Doktor, doktor geziyorum
Kaplıca, kaplıca giriyorum
Masum mu ki öğütçüler
Kulağım delik dinliyorum
Hem acılarım katlanıyor
Hem paralarım ballanıyor
İnsan olduğum atlanıyor
Muhtacım, şifa arıyorum
Dinlemedim ya Rabbim sözünü.
İsraf ettim, günah işledim, kendime zulüm ettim. Hasta olunca, seni hatırladım.
Şimdi öylesine acı çekiyorum. Çaresizlikten inliyorum. Dua ediyorum sana
içtenliğimle. Kurtar beni diyorum. Senden başkası yalan… Anladım. Bana şifa
ver. Sonra beni öylesine helale alıştır ki, harama gitmeyeyim. Allah’ım senden
başkasına beni muhtaç etme…
Bu acılar içinde, anladım ki,
sana ayırdığım zaman ne kadar azmış. Seni hatırlamadığım anlar geçen ömrümmüş.
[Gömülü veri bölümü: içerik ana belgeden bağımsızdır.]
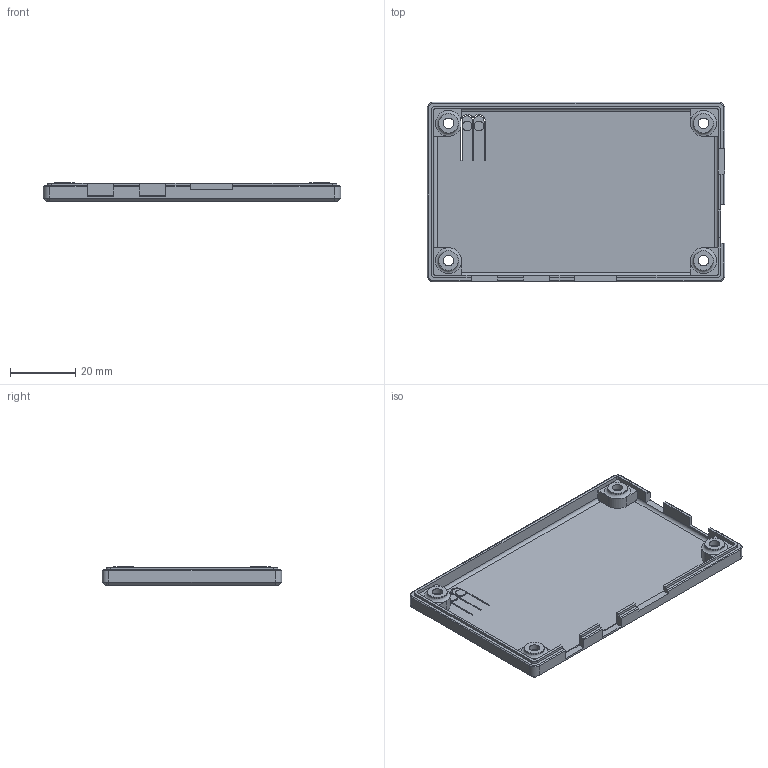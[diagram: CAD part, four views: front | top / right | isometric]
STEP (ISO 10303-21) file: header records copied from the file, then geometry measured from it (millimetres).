
FILE_DESCRIPTION(/* description */ (''),/* implementation_level */ '2;1');
FILE_NAME(/* name */ 'Back.step',/* time_stamp */ '2023-12-18T21:36:47-08:00',/* author */ (''),/* organization */ (''),/* preprocessor_version */ 'ST-DEVELOPER v20',/* originating_system */ 'Autodesk Translation Framework v12.14.0.127',/* authorisation */ '');
FILE_SCHEMA (('AUTOMOTIVE_DESIGN { 1 0 10303 214 3 1 1 }'));
Length unit declared in the file: millimetre
Products named in the file (1): Back
Bounding box: 91 x 55 x 5.75 mm (x, y, z)
Volume: 6739.6 mm3; surface area: 12707 mm2
Topology: 1 solids, 1 shells, 145 faces, 393 edges, 251 vertices
Faces by surface type: plane 90, cylinder 39, cone 12, torus 4
Full cylindrical faces by diameter (mm): 2.969 x2, 3.2 x4, 6 x8
Entity records: 4592 total; most frequent: CARTESIAN_POINT 803, DIRECTION 790, ORIENTED_EDGE 786, EDGE_CURVE 393, LINE 284, VECTOR 284, AXIS2_PLACEMENT_3D 253, VERTEX_POINT 251

Oysaki gerçek dostta, aşkta, öğütçüde senmişsin… Allah’ım bir vesile, bir
işaret ver ki, şifa bulayım. Sağlığım yerine gelince hep seninle birlikte
olacağım, söz…
Der şifa arayan… Şifa bulur,
yeniden hayata sarılır. O sözü unutur. Yine hasta olur, yine dua eder… Allah
yine ona sağlık verir. Ama Allah ancak, kişiye ecel gelene kadar sabreder.
Kuluna rahmet eder hep, ama ölene kadar. Artık o vakitten sonra ne söz vardır,
ne dünyalık acılar. Beterin beteri vardır derler ya, Allah korusun!